2 Micro-rollback Scheme 

In this section we present the rollback technique for multiple retries in the high level synthesis 
which is at the heart of our system. Some constraints such as the number of available 
registers, the maximum allowable recovery time, and the number of retries are given by the 
user. The retries of a sequence of microinstructions are performed on the basis of control 
steps. Although a large number of retries may not be necessary from the point of view of 
recovery time, the need for multiple retries arises due to the fact that a single retry may 
not guarantee the disappearance of the error. If an error is detected while a sequence of 
instructions is being processed, our rollback algorithm brings the processing back a few 
control steps to the state that had existed in the past before the error first occurred, thus 
returns the system to an error free state where the offending microinstructions can be retried. 
We mean the state of the system is the contents of all storage information between two 
consecutive control steps, such as program status word, register contents, program counter, 
and the instruction register. 

In order to be able to perform such an operation, the system must store all such in- 
formation necessary to undo the state changes that have occurred in the last few control 
steps.
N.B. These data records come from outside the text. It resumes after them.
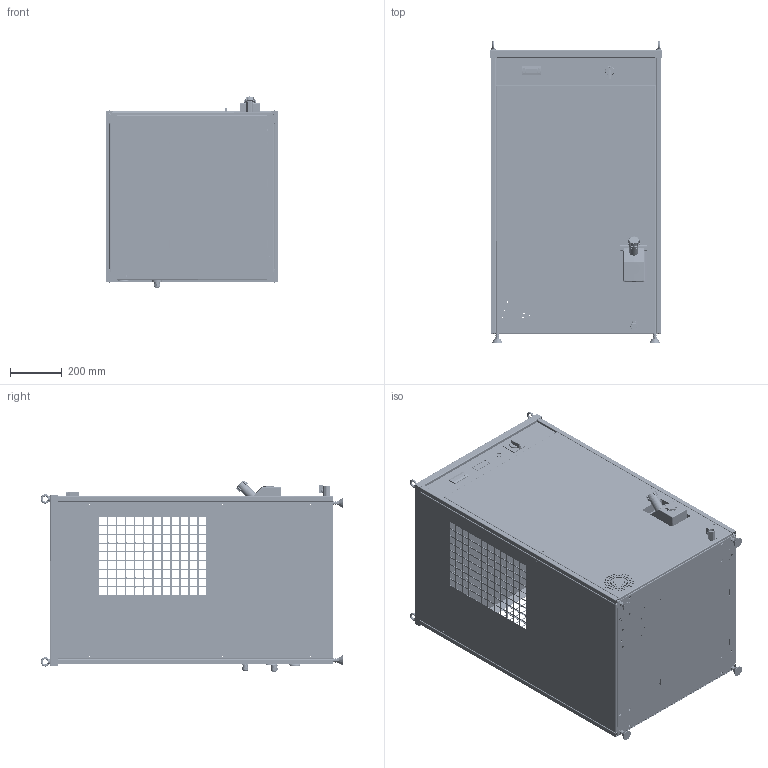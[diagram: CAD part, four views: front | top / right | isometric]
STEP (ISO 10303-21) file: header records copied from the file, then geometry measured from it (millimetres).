
FILE_DESCRIPTION (( 'STEP AP214' ), '1' );
FILE_NAME ('50-3C-00001.STEP', '2018-12-11T10:33:50', ( 'Utente' ), ( 'Microsoft' ), 'SwSTEP 2.0', 'SolidWorks 2013', '' );
FILE_SCHEMA (( 'AUTOMOTIVE_DESIGN' ));
Length unit declared in the file: millimetre
Products named in the file (39): CR-3C-00009_000; SE-RP-00041_CORPO; CR-3C-00021_001; ST-AT-00020_003; THREADED INSERT CYLINDRICAL HEAD M10; pg11_Cable-Gland-1.209.1102.15-Nelco; Rivelox M5 Reduced Head Hexagonal Shank._; pg11 part2_Nut-PA-Blue-22-22-25-Nelco; pg11 part1_Socket-1.209.1102.15-Nelco; PG 13.5_Cable-Gland-1.209.1300.14-Nelco; VR-3C-00008_004; PG 13.5_1_Socket-1.209.1300.14-Nelco; VR-3C-00007_003; PG 13.5_2_Nut-PA-Grey-24-24-27-Nelco; VR-3C-00004_002; TA-RG-00041; RIVELOX M5; SELETTORE_PICCOLO; RIVELOX M8; TE-EL-00007 - EW_971_230V; GOLFARE M8; VR-3C-00003_000; MA-N1-00001_MANOMETRO ACQUA 40mm 0-12 BAR; VR-3C-00002_000; VR-3C-00005_000; AN-PI-00014_ANTIVIBRANTI MM PIEDE 40X20h M10; VA-A5-00001; CR-3C-00019_000; TAPPO 1P  FEM ; VR-3C-00001_000; VR-3C-00034_001; IN-VI-00001; SE-RP-00041_000; 50-3C-00001; INSERTO ESAG  1G
Assembly tree (75 placements, depth 3):
  50-3C-00001
    VR-3C-00001_000
    CR-3C-00019_000
    VR-3C-00005_000
    VR-3C-00002_000
    VR-3C-00003_000
    VR-3C-00004_002
      VR-3C-00004_002
      RIVELOX M8  x2
      RIVELOX M5  x6
    VR-3C-00007_003
    VR-3C-00008_004
    CR-3C-00021_001
      CR-3C-00021_001
      Rivelox M5 Reduced Head Hexagonal Shank._  x7
      THREADED INSERT CYLINDRICAL HEAD M10  x4
    CR-3C-00009_000
      CR-3C-00009_000
      Rivelox M5 Reduced Head Hexagonal Shank._  x7
    VR-3C-00034_001
      VR-3C-00034_001
      RIVELOX M5  x8
    AN-PI-00014_ANTIVIBRANTI MM PIEDE 40X20h M10  x4
    MA-N1-00001_MANOMETRO ACQUA 40mm 0-12 BAR
    GOLFARE M8  x4
    TE-EL-00007 - EW_971_230V
    SELETTORE_PICCOLO
    TA-RG-00041
    PG 13.5_Cable-Gland-1.209.1300.14-Nelco
      PG 13.5_2_Nut-PA-Grey-24-24-27-Nelco
      PG 13.5_1_Socket-1.209.1300.14-Nelco
    pg11_Cable-Gland-1.209.1102.15-Nelco
      pg11 part1_Socket-1.209.1102.15-Nelco
      pg11 part2_Nut-PA-Blue-22-22-25-Nelco
    ST-AT-00020_003  x2
    SE-RP-00041_000
      SE-RP-00041_CORPO
      INSERTO ESAG  1G
    IN-VI-00001
    TAPPO 1P  FEM 
    VA-A5-00001
Bounding box: 671 x 1174.2 x 741.27 mm (x, y, z)
Volume: 10698469.9 mm3; surface area: 12056937.8 mm2
Topology: 141 solids, 141 shells, 8733 faces, 23813 edges, 15404 vertices
Faces by surface type: plane 4498, cylinder 3275, bspline 442, cone 341, torus 133, sphere 44
Entity records: 287339 total; most frequent: CARTESIAN_POINT 66639, ORIENTED_EDGE 44150, DIRECTION 42323, EDGE_CURVE 22075, VERTEX_POINT 14332, VECTOR 14273, LINE 14273, AXIS2_PLACEMENT_3D 14025
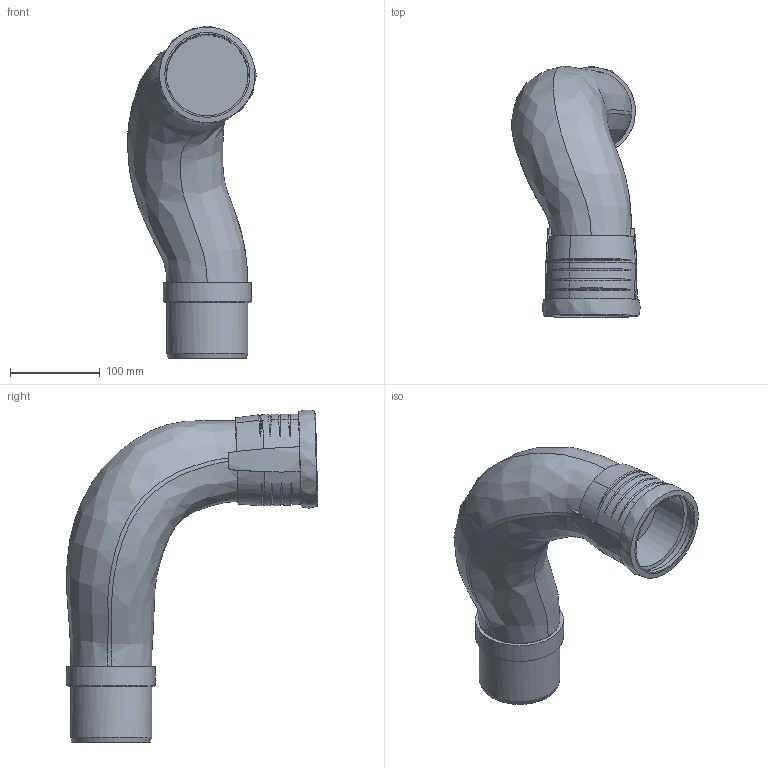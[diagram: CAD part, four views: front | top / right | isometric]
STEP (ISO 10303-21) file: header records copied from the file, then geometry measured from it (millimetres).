
FILE_DESCRIPTION(/* description */ (''),/* implementation_level */ '2;1');
FILE_NAME(/* name */ 'C:\Planerdaten\Export PLA\393.426.14.1\stp\393426.stp',/* time_stamp */ '2022-09-16T14:45:14+02:00',/* author */ ('JANAN'),/* organization */ (''),/* preprocessor_version */ 'ST-DEVELOPER v18.1',/* originating_system */ 'Autodesk Inventor 2021',/* authorisation */ '');
FILE_SCHEMA (('AUTOMOTIVE_DESIGN { 1 0 10303 214 3 1 1 }'));
Length unit declared in the file: millimetre
Products named in the file (1): tmp1EFD.tmp
Bounding box: 143.58 x 280.57 x 370.27 mm (x, y, z)
Volume: 3151427.1 mm3; surface area: 211111 mm2
Topology: 1 solids, 1 shells, 57 faces, 161 edges, 109 vertices
Faces by surface type: bspline 37, plane 7, cylinder 7, cone 6
Full cylindrical faces by diameter (mm): 81.6 x1, 90.2 x2, 90.9 x1, 91.2 x1, 100.2 x1
Entity records: 11291 total; most frequent: CARTESIAN_POINT 9918, ORIENTED_EDGE 324, DIRECTION 194, EDGE_CURVE 162, VERTEX_POINT 111, AXIS2_PLACEMENT_3D 87, B_SPLINE_CURVE_WITH_KNOTS 76, CIRCLE 64
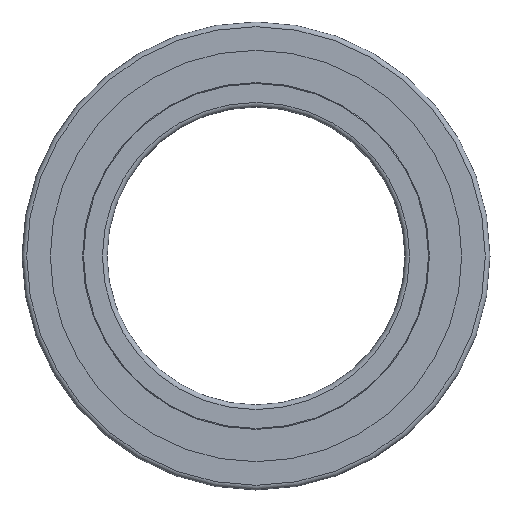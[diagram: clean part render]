
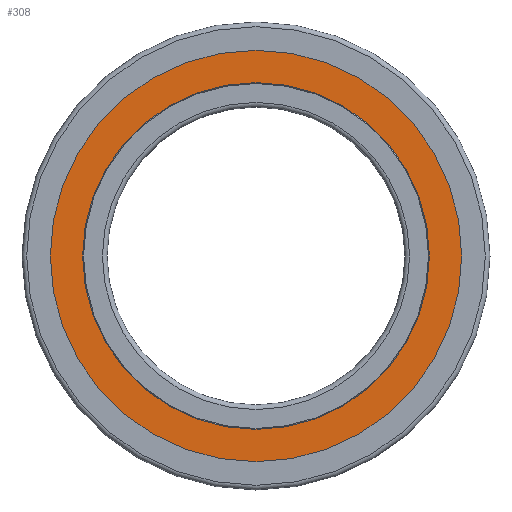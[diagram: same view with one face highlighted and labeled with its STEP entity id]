
A CAD part, left-side view. The second image highlights one B-rep face of the part: STEP entity #308.
In plain terms, the highlighted planar face has unit normal (-1, 0, 0).
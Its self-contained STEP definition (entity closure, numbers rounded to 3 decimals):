
#252=PLANE('',#1126);
#308=ADVANCED_FACE('',(#403,#404),#252,.F.);
#403=FACE_BOUND('',#587,.T.);
#404=FACE_BOUND('',#588,.T.);
#587=EDGE_LOOP('',(#747));
#588=EDGE_LOOP('',(#748));
#747=ORIENTED_EDGE('',*,*,#1003,.F.);
#748=ORIENTED_EDGE('',*,*,#1001,.T.);
#897=VERTEX_POINT('',#1470);
#899=VERTEX_POINT('',#1475);
#1001=EDGE_CURVE('',#897,#897,#1081,.T.);
#1003=EDGE_CURVE('',#899,#899,#1083,.T.);
#1081=CIRCLE('',#1122,48.35);
#1083=CIRCLE('',#1125,40.75);
#1122=AXIS2_PLACEMENT_3D('',#1469,#1252,#1253);
#1125=AXIS2_PLACEMENT_3D('',#1474,#1258,#1259);
#1126=AXIS2_PLACEMENT_3D('',#1476,#1260,#1261);
#1252=DIRECTION('',(-1.,0.,0.));
#1253=DIRECTION('',(0.,0.,1.));
#1258=DIRECTION('',(-1.,0.,0.));
#1259=DIRECTION('',(0.,0.,1.));
#1260=DIRECTION('',(1.,0.,0.));
#1261=DIRECTION('',(0.,0.,-1.));
#1469=CARTESIAN_POINT('',(0.1,0.,0.));
#1470=CARTESIAN_POINT('',(0.1,0.,48.35));
#1474=CARTESIAN_POINT('',(0.1,0.,0.));
#1475=CARTESIAN_POINT('',(0.1,0.,40.75));
#1476=CARTESIAN_POINT('',(0.1,0.,48.35));

Thus, setting up the rollback points is necessitated at the control step boundaries. 
This implies that the scheduled CDFG is partitioned into several segments and each rollback 
point is introduced at the beginning of every segment. A rollback point consists of a set of 
registers which store the data flowing into that particular segment. This set of registers 
stores the data that is only external to that segment, and the contents of these registers 
must be stored until the next rollback point is located. The registers having the contents of 
the previous rollback point will be overwritten with those of the current one’s after a new 
rollback point is located. While the execution of the microinstructions is continued, the re- 
maining registers are used to contain information for them. When backing up the processing 
to the previous error free state is necessitated in response to an error signal, all the required 
information which is the contents of registers at the most recently located rollback point is 
readily available. Note that no memory access is required and in turn the time required to 
save and load the status across the control step boundaries can be saved. To illustrate our 
rollback scheme, we define the following terminologies: 

• N : The minimum number of control steps required to perform a given CDFG. 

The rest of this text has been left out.